Return the records from the first line through the line containing "doc.units = 0", and leave out the pictures.

(Collected data entries)
****************************************
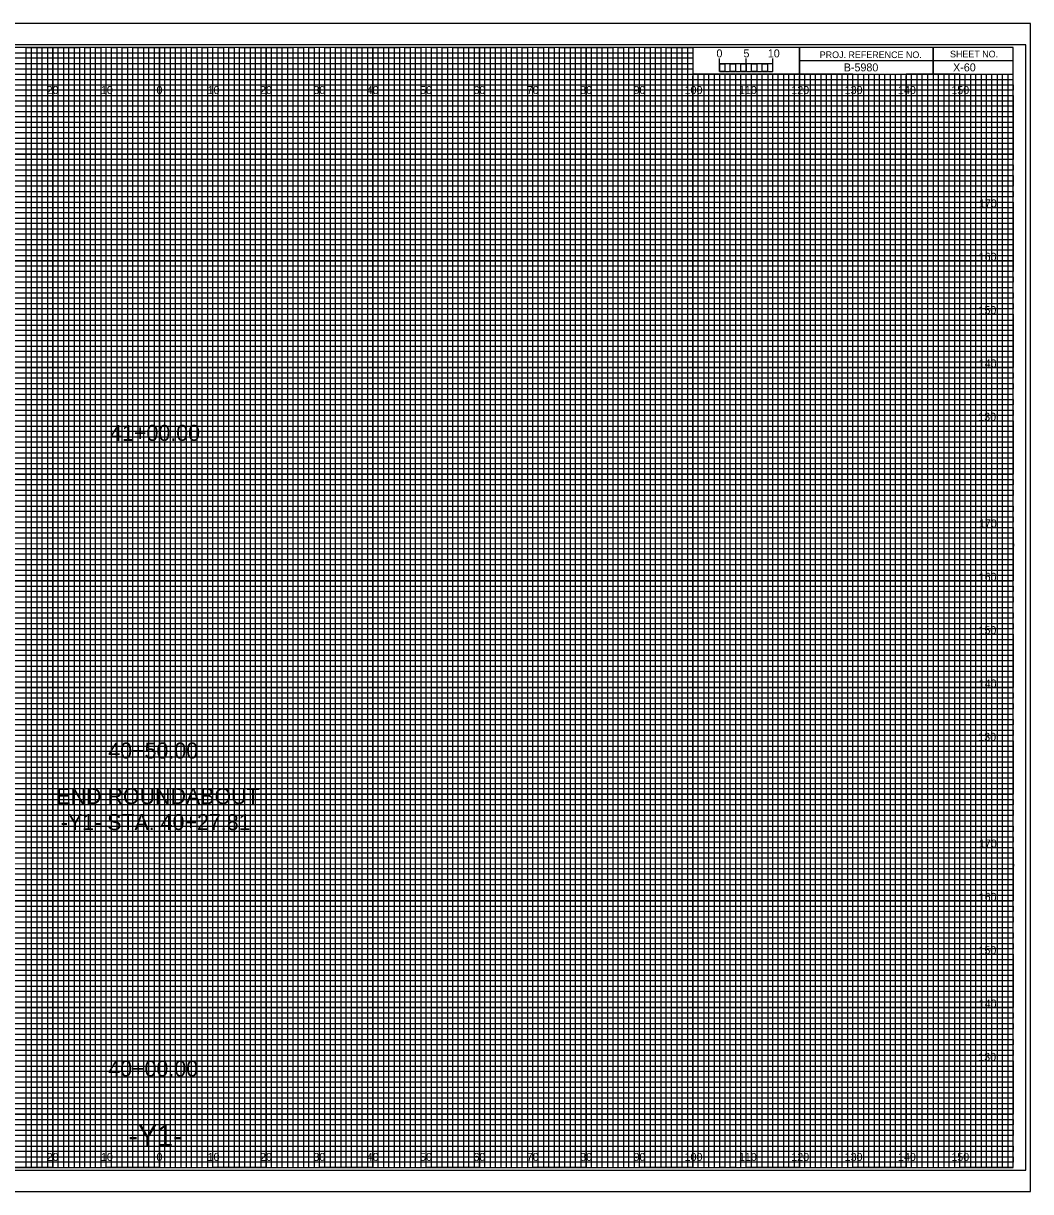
# Model space of a CAD drawing. Extents: x -13 to 323, y -5 to 4834.
# Drawn here: x 134.5 to 323.3, y 3075.5 to 3294.5 of the extents above; entities that cross this region are included whole.
import ezdxf

# ---------------------------------------------------------------- set-up
doc = ezdxf.new("R2010")
doc.units = 0
for name, color, linetype in [('Exist CMT Pavement', 7, 'Continuous'), ('Exist Cross Section Cell', 7, 'Continuous'), ('Exist XS Center Line Elevation Label', 7, 'Continuous'), ('Exist XS Ground Line', 7, 'Continuous'), ('Prop CMT Pvmt Course 1', 7, 'Continuous'), ('Prop CMT Pvmt Course 1 Wedge', 7, 'Continuous'), ('Prop CMT Pvmt Course 2', 7, 'Continuous'), ('Prop CMT Pvmt Course 2 Wedge', 7, 'Continuous'), ('Prop CMT Pvmt Course 3', 7, 'Continuous'), ('Prop CMT Pvmt Course 3 Wedge', 7, 'Continuous'), ('Prop CMT Pvmt Surface', 7, 'Continuous'), ('Prop CMT Pvmt Surface Shoulder', 7, 'Continuous'), ('Prop CMT Shld Paved Course 1', 7, 'Continuous'), ('Prop CMT Shld Paved Course 2', 7, 'Continuous'), ('Prop CMT Shld Paved Course 3', 7, 'Continuous'), ('Prop CMT Slope Grass', 7, 'Continuous'), ('Prop CMT Subgrade Earthwork', 7, 'Continuous')]:
    doc.layers.add(name, color=color, linetype=linetype)

msp = doc.modelspace()

# ---------------------------------------------------------------- linework, layer by layer
at = {"layer": 'Exist XS Center Line Elevation Label'}
for points in [[(125, 3080), (135, 3080), (135, 3290), (145, 3290), (145, 3080), (155, 3080), (155, 3290), (165, 3290), (165, 3080), (175, 3080), (175, 3290), (185, 3290), (185, 3080), (195, 3080), (195, 3290), (205, 3290), (205, 3080), (215, 3080), (215, 3290), (225, 3290), (225, 3080), (235, 3080), (235, 3290), (245, 3290), (245, 3080), (255, 3080), (255, 3290), (259.93, 3290), (260, 3290), (260, 3285), (264.99, 3285), (264.99, 3080), (275, 3080), (275, 3285), (285, 3285), (285, 3080), (295, 3080), (295, 3285), (305, 3285), (305, 3080), (315, 3080), (315, 3285)], [(0, 3285), (275, 3285)], [(0, 3265), (320, 3265), (320, 3275), (0, 3275)], [(0, 3245), (320, 3245), (320, 3255), (0, 3255)], [(0, 3225), (320, 3225), (320, 3235), (0, 3235)], [(0, 3205), (320, 3205), (320, 3215), (0, 3215)], [(0, 3185), (320, 3185), (320, 3195), (0, 3195)], [(0, 3165), (320, 3165), (320, 3175), (0, 3175)], [(0, 3145), (320, 3145), (320, 3155), (0, 3155)], [(0, 3125), (320, 3125), (320, 3135), (0, 3135)], [(0, 3105), (320, 3105), (320, 3115), (0, 3115)], [(0, 3085), (320, 3085), (320, 3095), (0, 3095)]]:
    msp.add_lwpolyline(points, dxfattribs=at)
at = {"layer": 'Exist XS Ground Line'}
for p, q in [((150, 3290), (140, 3290)), ((140, 3290), (140, 3080)), ((150, 3080), (150, 3290)), ((170, 3290), (160, 3290)), ((160, 3290), (160, 3080)), ((170, 3080), (170, 3290)), ((190, 3290), (180, 3290)), ((180, 3290), (180, 3080)), ((190, 3080), (190, 3290)), ((210, 3290), (200, 3290)), ((200, 3290), (200, 3080)), ((210, 3080), (210, 3290)), ((230, 3290), (220, 3290)), ((220, 3290), (220, 3080)), ((230, 3080), (230, 3290)), ((250, 3290), (240, 3290)), ((240, 3290), (240, 3080)), ((250, 3080), (250, 3290)), ((260, 3290), (260, 3080)), ((270, 3080), (270, 3285)), ((290, 3285), (280, 3285)), ((280, 3285), (280, 3080)), ((290, 3080), (290, 3285)), ((310, 3285), (300, 3285)), ((300, 3285), (300, 3080)), ((310, 3080), (310, 3285)), ((140, 3080), (130, 3080)), ((160, 3080), (150, 3080)), ((180, 3080), (170, 3080)), ((200, 3080), (190, 3080)), ((220, 3080), (210, 3080)), ((240, 3080), (230, 3080)), ((260, 3080), (250, 3080)), ((280, 3080), (270, 3080)), ((300, 3080), (290, 3080)), ((320, 3080), (310, 3080)), ((320, 3080), (320, 3080))]:
    msp.add_line(p, q, dxfattribs=at)
for points in [[(0, 3280), (320, 3280), (320, 3270), (0, 3270)], [(0, 3260), (320, 3260), (320, 3250), (0, 3250)], [(0, 3240), (320, 3240), (320, 3230), (0, 3230)], [(0, 3220), (320, 3220), (320, 3210), (0, 3210)], [(0, 3200), (320, 3200), (320, 3190), (0, 3190)], [(0, 3180), (320, 3180), (320, 3170), (0, 3170)], [(0, 3160), (320, 3160), (320, 3150), (0, 3150)], [(0, 3140), (320, 3140), (320, 3130), (0, 3130)], [(0, 3120), (320, 3120), (320, 3110), (0, 3110)], [(0, 3100), (320, 3100), (320, 3090), (0, 3090)]]:
    msp.add_lwpolyline(points, dxfattribs=at)
at = {"layer": 'Prop CMT Pvmt Course 1'}
for p, q in [((267, 3285), (266.01, 3285)), ((266.01, 3285), (266.01, 3080)), ((267, 3080), (267, 3285)), ((269, 3285), (268, 3285)), ((268, 3285), (268, 3080)), ((269, 3080), (269, 3285)), ((266.01, 3080), (265, 3080)), ((268, 3080), (267, 3080))]:
    msp.add_line(p, q, dxfattribs=at)
for points in [[(135, 3080), (136, 3080), (136, 3290), (137, 3290), (137, 3080)], [(137, 3080), (138, 3080), (138, 3290), (139, 3290), (139, 3080)], [(140, 3080), (141, 3080), (141, 3290), (142, 3290), (142, 3080)], [(142, 3080), (143, 3080), (143, 3290), (144, 3290), (144, 3080)], [(145, 3080), (146, 3080), (146, 3290), (147, 3290), (147, 3080)], [(147, 3080), (148, 3080), (148, 3290), (149, 3290), (149, 3080)], [(150, 3080), (151, 3080), (151, 3290), (152, 3290), (152, 3080)], [(152, 3080), (153, 3080), (153, 3290), (154, 3290), (154, 3080)], [(155, 3080), (156, 3080), (156, 3290), (157, 3290), (157, 3080)], [(157, 3080), (158, 3080), (158, 3290), (159, 3290), (159, 3080)], [(160, 3080), (161, 3080), (161, 3290), (162, 3290), (162, 3080)], [(162, 3080), (163, 3080), (163, 3290), (164, 3290), (164, 3080)], [(165, 3080), (166, 3080), (166, 3290), (167, 3290), (167, 3080)], [(167, 3080), (168, 3080), (168, 3290), (169, 3290), (169, 3080)], [(170, 3080), (171, 3080), (171, 3290), (172, 3290), (172, 3080)], [(172, 3080), (173, 3080), (173, 3290), (174, 3290), (174, 3080)], [(175, 3080), (176, 3080), (176, 3290), (177, 3290), (177, 3080)], [(177, 3080), (178, 3080), (178, 3290), (179, 3290), (179, 3080)], [(180, 3080), (181, 3080), (181, 3290), (182, 3290), (182, 3080)], [(182, 3080), (183, 3080), (183, 3290), (184, 3290), (184, 3080)], [(185, 3080), (186, 3080), (186, 3290), (187, 3290), (187, 3080)], [(187, 3080), (188, 3080), (188, 3290), (189, 3290), (189, 3080)], [(190, 3080), (191, 3080), (191, 3290), (192, 3290), (192, 3080)], [(192, 3080), (193, 3080), (193, 3290), (194, 3290), (194, 3080)], [(195, 3080), (196, 3080), (196, 3290), (197, 3290), (197, 3080)], [(197, 3080), (198, 3080), (198, 3290), (199, 3290), (199, 3080)], [(200, 3080), (201, 3080), (201, 3290), (202, 3290), (202, 3080)], [(202, 3080), (203, 3080), (203, 3290), (204, 3290), (204, 3080)], [(205, 3080), (206, 3080), (206, 3290), (207, 3290), (207, 3080)], [(207, 3080), (208, 3080), (208, 3290), (209, 3290), (209, 3080)], [(210, 3080), (211, 3080), (211, 3290), (212, 3290), (212, 3080)], [(212, 3080), (213, 3080), (213, 3290), (214, 3290), (214, 3080)], [(215, 3080), (216, 3080), (216, 3290), (217, 3290), (217, 3080)], [(217, 3080), (218, 3080), (218, 3290), (219, 3290), (219, 3080)], [(220, 3080), (221, 3080), (221, 3290), (222, 3290), (222, 3080)], [(222, 3080), (223, 3080), (223, 3290), (224, 3290), (224, 3080)], [(225, 3080), (226, 3080), (226, 3290), (227, 3290), (227, 3080)], [(227, 3080), (228, 3080), (228, 3290), (229, 3290), (229, 3080)], [(230, 3080), (231, 3080), (231, 3290), (232, 3290), (232, 3080)], [(232, 3080), (233, 3080), (233, 3290), (234, 3290), (234, 3080)], [(235, 3080), (236, 3080), (236, 3290), (237, 3290), (237, 3080)], [(237, 3080), (238, 3080), (238, 3290), (239, 3290), (239, 3080)], [(240, 3080), (241, 3080), (241, 3290), (242, 3290), (242, 3080)], [(242, 3080), (243, 3080), (243, 3290), (244, 3290), (244, 3080)], [(245, 3080), (246, 3080), (246, 3290), (247, 3290), (247, 3080)], [(247, 3080), (248, 3080), (248, 3290), (249, 3290), (249, 3080)], [(250, 3080), (251, 3080), (251, 3290), (252, 3290), (252, 3080)], [(252, 3080), (253, 3080), (253, 3290), (254, 3290), (254, 3080)], [(255, 3080), (256, 3080), (256, 3290), (257, 3290), (257, 3080)], [(257, 3080), (258, 3080), (258, 3290), (259, 3290), (259, 3080)], [(260, 3080), (261, 3080), (261, 3285), (262.02, 3285), (262.02, 3080)], [(262, 3080), (263, 3080), (263, 3285), (263.99, 3285), (263.99, 3080)], [(270, 3080), (270.98, 3080), (270.98, 3285), (272, 3285), (272, 3080)], [(272, 3080), (273, 3080), (273, 3285), (274.05, 3285), (274.05, 3080)], [(275, 3080), (276, 3080), (276, 3285), (277, 3285), (277, 3080)], [(277, 3080), (278, 3080), (278, 3285), (279, 3285), (279, 3080)], [(280, 3080), (281, 3080), (281, 3285), (282, 3285), (282, 3080)], [(282, 3080), (283, 3080), (283, 3285), (284, 3285), (284, 3080)], [(285, 3080), (286, 3080), (286, 3285), (287, 3285), (287, 3080)], [(287, 3080), (288, 3080), (288, 3285), (289, 3285), (289, 3080)], [(290, 3080), (291, 3080), (291, 3285), (292, 3285), (292, 3080)], [(292, 3080), (293, 3080), (293, 3285), (294, 3285), (294, 3080)], [(295, 3080), (296, 3080), (296, 3285), (297, 3285), (297, 3080)], [(297, 3080), (298, 3080), (298, 3285), (299, 3285), (299, 3080)], [(300, 3080), (301, 3080), (301, 3285), (302, 3285), (302, 3080)], [(302, 3080), (303, 3080), (303, 3285), (304, 3285), (304, 3080)], [(305, 3080), (306, 3080), (306, 3285), (307, 3285), (307, 3080)], [(307, 3080), (308, 3080), (308, 3285), (309, 3285), (309, 3080)], [(310, 3080), (311, 3080), (311, 3285), (312, 3285), (312, 3080)], [(312, 3080), (313, 3080), (313, 3285), (314, 3285), (314, 3080)], [(315, 3080), (316, 3080), (316, 3285), (317, 3285), (317, 3080)], [(317, 3080), (318, 3080), (318, 3285), (319, 3285), (319, 3080)]]:
    msp.add_lwpolyline(points, dxfattribs=at)
at = {"layer": 'Prop CMT Pvmt Course 2'}
for p, q in [((323.3, 3294.5), (-13.4, 3294.5)), ((-13.4, 3075.5), (323.3, 3075.5))]:
    msp.add_line(p, q, dxfattribs=at)
at = {"layer": 'Prop CMT Pvmt Surface Shoulder'}
for p, q in [((305, 3290), (305, 3285)), ((305, 3285), (305, 3290)), ((280, 3287.5), (280, 3285)), ((320, 3287.49), (280, 3287.49)), ((280, 3285), (320, 3285))]:
    msp.add_line(p, q, dxfattribs=at)
for points in [[(320, 3290), (0, 3290), (0, 3080), (320, 3080)], [(280, 3290), (260, 3290), (260, 3285.03), (280, 3285.03)], [(320, 3290), (280, 3290), (280, 3285), (320, 3285)]]:
    msp.add_lwpolyline(points, close=True, dxfattribs=at)
at = {"layer": 'Prop CMT Shld Paved Course 1'}
msp.add_lwpolyline([(-13.4, 3075.5), (323.3, 3075.5), (323.3, 3294.5), (-13.4, 3294.5)], close=True, dxfattribs=at)
at = {"layer": 'Prop CMT Shld Paved Course 2'}
msp.add_lwpolyline([(-10.8, 3079.5), (322.4, 3079.5), (322.4, 3290.5), (-10.8, 3290.5)], close=True, dxfattribs=at)
at = {"layer": 'Prop CMT Shld Paved Course 3'}
for p, q in [((140, 3080), (140, 3290)), ((150, 3080), (150, 3290)), ((160, 3080), (160, 3290)), ((170, 3080), (170, 3290)), ((180, 3080), (180, 3290)), ((190, 3080), (190, 3290)), ((200, 3080), (200, 3290)), ((210, 3080), (210, 3290)), ((220, 3080), (220, 3290)), ((230, 3080), (230, 3290)), ((240, 3080), (240, 3290)), ((250, 3080), (250, 3290)), ((260, 3080), (260, 3284.69)), ((270, 3080), (270, 3284.69)), ((280, 3080), (280, 3284.69)), ((290, 3080), (290, 3284.69)), ((300, 3080), (300, 3284.69)), ((310, 3080), (310, 3284.69)), ((0, 3280), (320, 3280)), ((0, 3270), (320, 3270)), ((0, 3260), (320, 3260)), ((0, 3250), (320, 3250)), ((0, 3240), (320, 3240)), ((0, 3230), (320, 3230)), ((0, 3220), (320, 3220)), ((0, 3210), (320, 3210)), ((0, 3200), (320, 3200)), ((0, 3190), (320, 3190)), ((0, 3180), (320, 3180)), ((0, 3170), (320, 3170)), ((0, 3160), (320, 3160)), ((0, 3150), (320, 3150)), ((0, 3140), (320, 3140)), ((0, 3130), (320, 3130)), ((0, 3120), (320, 3120)), ((0, 3110), (320, 3110)), ((0, 3100), (320, 3100)), ((0, 3090), (320, 3090))]:
    msp.add_line(p, q, dxfattribs=at)
at = {"layer": 'Prop CMT Slope Grass'}
for p, q in [((0, 3289), (260, 3289)), ((260, 3287.98), (0, 3287.98)), ((260, 3289), (260, 3287.98)), ((0, 3287), (260, 3287)), ((260, 3285.89), (0, 3285.89)), ((260, 3287), (260, 3285.89)), ((0, 3284), (320, 3284))]:
    msp.add_line(p, q, dxfattribs=at)
for points in [[(0, 3283), (270, 3283), (320, 3283), (320, 3282), (0, 3282)], [(0, 3281), (320, 3281), (320, 3279), (0, 3279)], [(0, 3278), (320, 3278), (320, 3277), (0, 3276.98)], [(0, 3276), (320, 3276), (320, 3274), (0, 3274)], [(0, 3273), (320, 3273), (320, 3272), (0, 3272)], [(0, 3271), (320, 3271), (320, 3269), (0, 3269)], [(0, 3268), (320, 3268), (320, 3267), (0, 3267)], [(0, 3266), (320, 3266), (320, 3264), (0, 3264)], [(0, 3263), (320, 3263), (320, 3262), (0, 3262)], [(0, 3261), (320, 3261), (320, 3259), (0, 3259)], [(0, 3258), (320, 3258), (320, 3257), (0, 3257)], [(0, 3256), (320, 3256), (320, 3253.95), (320, 3253), (320, 3252), (0, 3252)], [(0, 3254), (320, 3254), (320, 3253), (0, 3253)], [(0, 3251), (320, 3251), (320, 3249), (0, 3249.03)], [(0, 3249.03), (320, 3249), (320, 3248), (0, 3248)], [(0, 3247), (320, 3247), (320, 3246), (0, 3246)], [(0, 3244), (320, 3244), (320, 3243), (0, 3243)], [(0, 3242), (320, 3242), (320, 3241), (0, 3241)], [(-0.07, 3238.89), (320, 3238.89), (320, 3237.88), (-0.07, 3237.88)], [(0, 3237), (320, 3237), (320, 3236), (0, 3236)], [(0, 3234), (320, 3234), (320, 3233), (0, 3233)], [(0, 3232), (320, 3232), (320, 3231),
****************************************
* OUTPUT FOR THIS EXERCISE
# Model space of a CAD drawing. Extents: x -13 to 323, y -5 to 4834.
# Drawn here: x 134.5 to 323.3, y 3075.5 to 3294.5 of the extents above; entities that cross this region are included whole.
import ezdxf

# ---------------------------------------------------------------- set-up
doc = ezdxf.new("R2010")
doc.units = 0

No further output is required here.